One response had something in it that kicked me back to something I periodically trot out and try to float, which also is timely now. As ideas are being offered to the Obama administration, how about it getting behind a revival of The Twilight Club? Throughout the last century, it was an enterprise where leaders of thought came together with the intention of countering the moral decline of society by bolstering spiritual and ethical awareness. It's o­ne of the great treasures of our history, and yet virtually no o­ne has heard of it. If I had clout, it's what I would try to launch.
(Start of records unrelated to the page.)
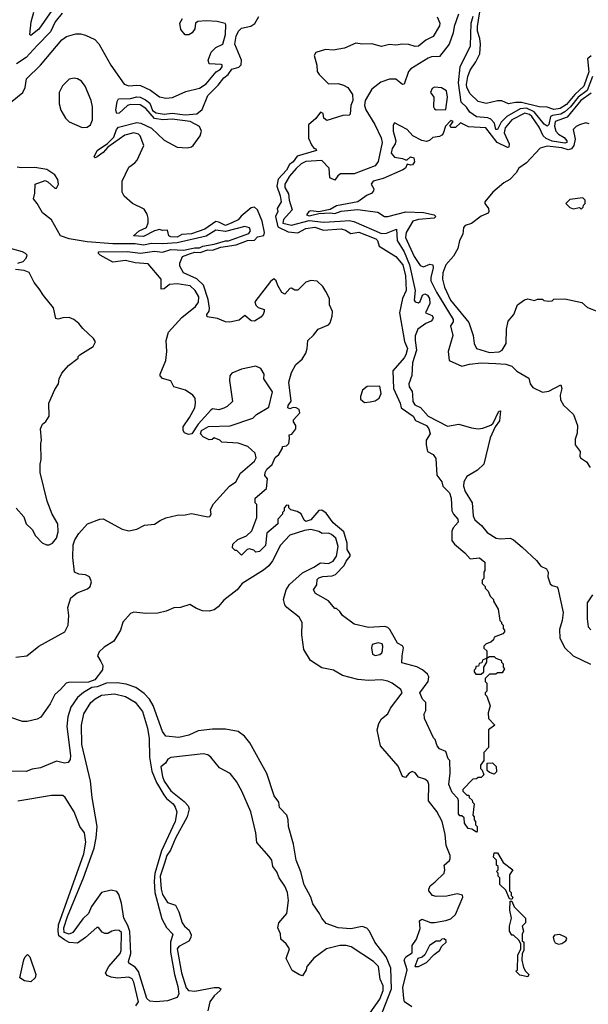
# Model space of a CAD drawing. Extents: x 2386423 to 2568864, y 578392 to 761999.
# Tile 351 of 454: x 2523217 to 2526750, y 662970 to 669087. Entities that reach past the tile are written whole.
import ezdxf

# ---------------------------------------------------------------- set-up
doc = ezdxf.new("R2010")
doc.units = 0

msp = doc.modelspace()

# ---------------------------------------------------------------- linework, layer by layer
at = {"layer": '0CON05XD'}
for points in [[(2523415.6, 669145), (2523335, 669028), (2523285, 668990), (2523280, 668995), (2523287.5, 669075), (2523303.9, 669133.9)], [(2526767.4, 668862.6), (2526745.7, 668844.3), (2526752.9, 668762.9), (2526722.4, 668675), (2526666.9, 668623.1), (2526615, 668560.9), (2526575, 668535.4), (2526535, 668530), (2526495, 668543.3), (2526445, 668545.6), (2526335, 668572.9), (2526296.7, 668573.3), (2526254.1, 668564.1), (2526213.3, 668583.3), (2526185, 668583.8), (2526115, 668567.5), (2526065, 668578.1), (2526015, 668626), (2525995.6, 668665), (2525993.9, 668685), (2526001.2, 668735), (2526015, 668773.8), (2526050.6, 668825), (2526075.4, 668874.6), (2526080.9, 668935), (2526075, 668970), (2526062.2, 669015), (2526060.9, 669045), (2526082.5, 669175)], [(2523481.3, 669128.7), (2523438, 669075), (2523408.9, 669011.1), (2523325, 668926.2), (2523257.8, 668852.2), (2523197.7, 668812.3)], [(2523625, 668992.1), (2523683.4, 668963.4), (2523708.2, 668938.2), (2523783.8, 668805), (2523866.3, 668686.3), (2523895, 668676.8), (2523945, 668681.4), (2523967.5, 668677.5), (2524029.8, 668649.8), (2524085, 668608), (2524125, 668598.8), (2524166.4, 668603.6), (2524249.5, 668640.5), (2524335, 668662.5), (2524375, 668688.1), (2524436.6, 668763.4), (2524465, 668780.8), (2524475.6, 668795), (2524475.8, 668805.8), (2524469.2, 668809.2), (2524395, 668813.3), (2524387.5, 668835), (2524406.7, 668885), (2524435.9, 668914.1), (2524478.8, 668935), (2524494.5, 668995), (2524498, 669055), (2524492.7, 669062.7), (2524444.6, 669075.4), (2524375, 669080.6), (2524323.6, 669076.4), (2524310, 669065), (2524305, 669030), (2524287.5, 669005), (2524267, 668993), (2524245, 668992.5), (2524217, 669027), (2524212.5, 669065), (2524227.5, 669095)], [(2525742.5, 666445), (2525750, 666405), (2525786.4, 666386.4), (2525801.7, 666361.7), (2525808.3, 666258.3), (2525840, 666215), (2525845, 666190), (2525887, 666147), (2525897.5, 666115), (2525902.5, 666035), (2525912.5, 666015), (2525940, 665985), (2525941.2, 665965), (2525910.6, 665929.4), (2525901.4, 665908.6), (2525901.1, 665851.1), (2525918.5, 665828.5), (2525983.3, 665775), (2526015, 665736.7), (2526073, 665743), (2526107, 665717), (2526107.5, 665665), (2526100, 665655), (2526100, 665615), (2526090, 665605), (2526090, 665585), (2526110, 665565), (2526110, 665555), (2526127, 665537), (2526140, 665505), (2526160, 665485), (2526160, 665475), (2526190, 665425), (2526200, 665355), (2526210, 665345), (2526210, 665335), (2526220, 665325), (2526220, 665305), (2526230, 665295), (2526230, 665285), (2526218.3, 665271.7), (2526165, 665250), (2526160, 665235), (2526145, 665220), (2526115, 665210), (2526100, 665195), (2526101.7, 665181.7), (2526120, 665165), (2526120, 665120), (2526135, 665130), (2526165, 665130), (2526175, 665120), (2526208.3, 665108.3), (2526210, 665095), (2526220, 665085), (2526220, 665065), (2526230, 665055), (2526215, 665030), (2526185, 665030), (2526175, 665020), (2526135, 665020), (2526110, 664995), (2526110, 664975), (2526120, 664965), (2526120, 664915), (2526110, 664905), (2526110, 664895), (2526120, 664885), (2526140, 664825), (2526128.3, 664781.7), (2526130, 664745), (2526170, 664705), (2526130, 664675), (2526130, 664565), (2526100, 664535), (2526100, 664485), (2526080, 664455), (2526080, 664435), (2526090, 664425), (2526100, 664395), (2526085, 664380), (2526065, 664380), (2526055, 664370), (2526031.7, 664368.3), (2525970, 664305), (2525970, 664295), (2525981.7, 664281.7), (2525995, 664270), (2526008.3, 664268.3), (2526010, 664255), (2526028.3, 664238.3), (2526030, 664225), (2526040, 664215), (2526032.5, 664145), (2526040, 664135), (2526040, 664115), (2526050, 664105), (2526050, 664085), (2526060, 664075), (2526060, 664045), (2526055, 664040), (2526027, 664057), (2526003, 664063), (2525980, 664095), (2525978.3, 664128.3), (2525965, 664140), (2525951.7, 664141.7), (2525943, 664153), (2525943.3, 664235), (2525938.8, 664248.8), (2525903.3, 664285), (2525883.3, 664335), (2525892.5, 664405), (2525890, 664485), (2525880, 664495), (2525865, 664540), (2525825, 664557.5), (2525810, 664575), (2525797.5, 664615), (2525787.5, 664625), (2525732.5, 664745), (2525730, 664775), (2525740, 664795), (2525740, 664845), (2525720, 664865), (2525703.3, 664905), (2525753.9, 664976.1), (2525758.8, 665005), (2525750.5, 665020.5), (2525718.8, 665048.8), (2525685, 665066.7), (2525591.7, 665091.7), (2525592.5, 665135), (2525602.5, 665185), (2525595, 665197.5), (2525563.6, 665213.6), (2525517.5, 665297.5), (2525505, 665310), (2525485, 665316.2), (2525385, 665311.9), (2525295, 665331.2), (2525222.5, 665385), (2525205, 665410), (2525185, 665430), (2525175, 665430), (2525136.4, 665476.4), (2525055, 665522.5), (2525043.3, 665545), (2525062.5, 665575), (2525065, 665610), (2525075, 665620), (2525101.2, 665628.8), (2525157.7, 665632.3), (2525178.8, 665641.2), (2525233.9, 665696.1), (2525245, 665722.5), (2525270, 665755), (2525270, 665765), (2525250.6, 665795), (2525251.4, 665835), (2525230, 665905), (2525165, 665961.2), (2525121.2, 666021.2), (2525095, 666040), (2525075, 666037.5), (2525025, 665980), (2524995, 665970), (2524985, 665977.5), (2524966.4, 666016.4), (2524941.7, 666031.7), (2524901.7, 666041.7), (2524890, 666055), (2524888.3, 666068.3), (2524875, 666070), (2524860, 666055), (2524860, 666035), (2524850, 666025), (2524850, 666015), (2524820, 665985), (2524820, 665955), (2524753, 665897), (2524745, 665820), (2524706.4, 665783.6), (2524685, 665780), (2524671.7, 665791.7), (2524645, 665800), (2524630, 665795), (2524595, 665760), (2524565, 665790), (2524555, 665790), (2524540, 665805), (2524541.7, 665828.3), (2524571.7, 665858.3), (2524625, 665880), (2524658.3, 665911.7), (2524690, 665995), (2524690, 666075), (2524680, 666085), (2524680, 666115), (2524750, 666175), (2524757.5, 666235), (2524740, 666255), (2524742.5, 666275), (2524753.3, 666295), (2524786.2, 666323.8), (2524805, 666367.5), (2524827.5, 666385), (2524850, 666425), (2524850, 666435), (2524875, 666440), (2524890, 666455), (2524892.5, 666485), (2524891.7, 666508.3), (2524908.3, 666511.7), (2524932.5, 666545), (2524932.5, 666565), (2524918.3, 666588.3), (2524918.3, 666601.7), (2524957.5, 666645), (2524952.5, 666665), (2524935, 666676.7), (2524915, 666677.5), (2524895, 666670), (2524882.5, 666675), (2524885, 666690), (2524903, 666717), (2524890, 666835), (2524905.8, 666895), (2524932.2, 666945), (2524971.3, 666978.7), (2524994, 667015), (2525003.8, 667045), (2525007.5, 667095), (2525043.3, 667126.7), (2525072, 667165), (2525135, 667191.4), (2525146.2, 667203.8), (2525159.1, 667245), (2525160, 667275), (2525141.4, 667315), (2525141.2, 667355), (2525119.1, 667399.1), (2525099.5, 667429.5), (2525065, 667463.3), (2525025, 667467.5), (2524995, 667457.5), (2524945, 667406.2), (2524926.1, 667406.1), (2524905, 667420), (2524895, 667416.7), (2524865, 667381.2), (2524845, 667393.3), (2524820.8, 667435), (2524811.2, 667465), (2524795, 667476.2), (2524775, 667461.2), (2524677.5, 667335), (2524683.6, 667313.6), (2524699.3, 667299.3), (2524735, 667287.5), (2524736.7, 667275), (2524730, 667255), (2524715, 667240), (2524675, 667214.4), (2524655, 667216.7), (2524615, 667250), (2524579.5, 667220.5), (2524522.3, 667207.7), (2524495, 667210), (2524445, 667230), (2524381.2, 667241.2), (2524380, 667255), (2524394.2, 667275.8), (2524395.9, 667295.9), (2524388.3, 667348.3), (2524358.9, 667438.9), (2524317.1, 667477.1), (2524235, 667513.8), (2524212.5, 667555), (2524212.5, 667575), (2524227.5, 667615), (2524278, 667635), (2524305, 667642.1), (2524338.5, 667641.5), (2524385, 667657.8), (2524415, 667654.4), (2524467.5, 667675), (2524561.7, 667688.3), (2524632.5, 667715), (2524675, 667718), (2524695, 667737.5), (2524733, 667747), (2524737.5, 667765), (2524723.3, 667835), (2524693.8, 667905), (2524675, 667923.3), (2524655, 667917.5), (2524592.9, 667867.1), (2524575, 667844), (2524535.3, 667824.7), (2524495, 667808), (2524455, 667830), (2524435, 667833.8), (2524367.5, 667785), (2524285, 667756), (2524225, 667752.5), (2524195, 667737.1), (2524155, 667738), (2524143.3, 667745), (2524135, 667780), (2524105, 667777.5), (2524085, 667783.3), (2524054.1, 667775.9), (2523985, 667740), (2523924, 667744), (2523960, 667775), (2524004.3, 667795.7), (2524015.6, 667824.4), (2524014.4, 667855), (2524008.5, 667878.5), (2523989.7, 667909.7), (2523916.7, 667945), (2523865, 667990), (2523853.6, 668016.4), (2523854.2, 668084.2), (2523895, 668171.2), (2523932.5, 668197.5), (2523945.7, 668214.3), (2523987.5, 668305), (2523966.2, 668365), (2523955, 668376), (2523925, 668384.2), (2523869.7, 668370.3), (2523763.9, 668296.1), (2523735, 668261.2), (2523697.5, 668235), (2523685, 668230), (2523680, 668235), (2523698.8, 668275), (2523762.7, 668317.3), (2523801.7, 668358.3), (2523818, 668405), (2523829.7, 668420.3), (2523945, 668447.8), (2523970, 668445), (2524035, 668414.2), (2524115, 668338.8), (2524195, 668295.7), (2524257.9, 668292.1), (2524285, 668297.5), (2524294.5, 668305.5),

If anyone has the power — and some of you o­n this list do — I would become your enthusiastic helper.

Here's some material that's been written about The Twilight Club:

Some of the members: Rudyard Kipling, Sir Arthur Conan Doyle, Charles Darwin, Ralph Waldo Emerson, Oliver Wendell Holmes, Walt Whitman, Edwin Markham, Mark Twain, Andrew Carnegie, Thomas J. Watson, Rudyard Kipling, Cornelius Vanderbilt, Theodore Roosevelt, Calvin Coolidge, Louis Tiffany, Walter Russell.

Their conviction was that world peace, harmony and unity would o­nly come about through the brotherhood of man. They were convinced that a person's moral creed could not remain as words and platitudes, but must be translated into action. Building o­n this idea, they formed The Poets' Code of Ethics, intended as a worldwide moral code that related strictly to how people acted towards each other, the ethical nature of the code being based o­n the concept of service to others and to the world…

Andrew Carnegie strongly advocated the necessity of spreading the seeds of culture, morality and ethics. He promised to endow millions for educational purposes-particularly through building libraries. He also organized the Authors' Club, providing a house o­n 34th Street in New York, entirely free of charge providing that each member of the club agreed to write something every year that had a direct bearing o­n and reference to the moral code of ethics.
 
Out of this visionary effort came the Scout movement. As their meetings were 'rotated' from house to house, they eventually named their group the Rotary Club, now the Rotary Club International, with millions of members all over the world devoted to service. Other service clubs followed, such as the Kiwanis and the Lions.

Others inspired by the Twilight Club vision, such as Edwin Markham and Sophie Irene Loeb, worked to bring about change in social conditions, such as the elimination of sweatshops, compulsory education and child labor laws. Eugene Grace, president of the Bethlehem Steel Company, and Adolph Ochs, owner of the New York Times, worked to establish advertising censorship. Thomas J. Watson and Walter Russell campaigned for the elimination of the caveat emptor practice of business, which eventually led to the establishment of the Better Business Bureaus.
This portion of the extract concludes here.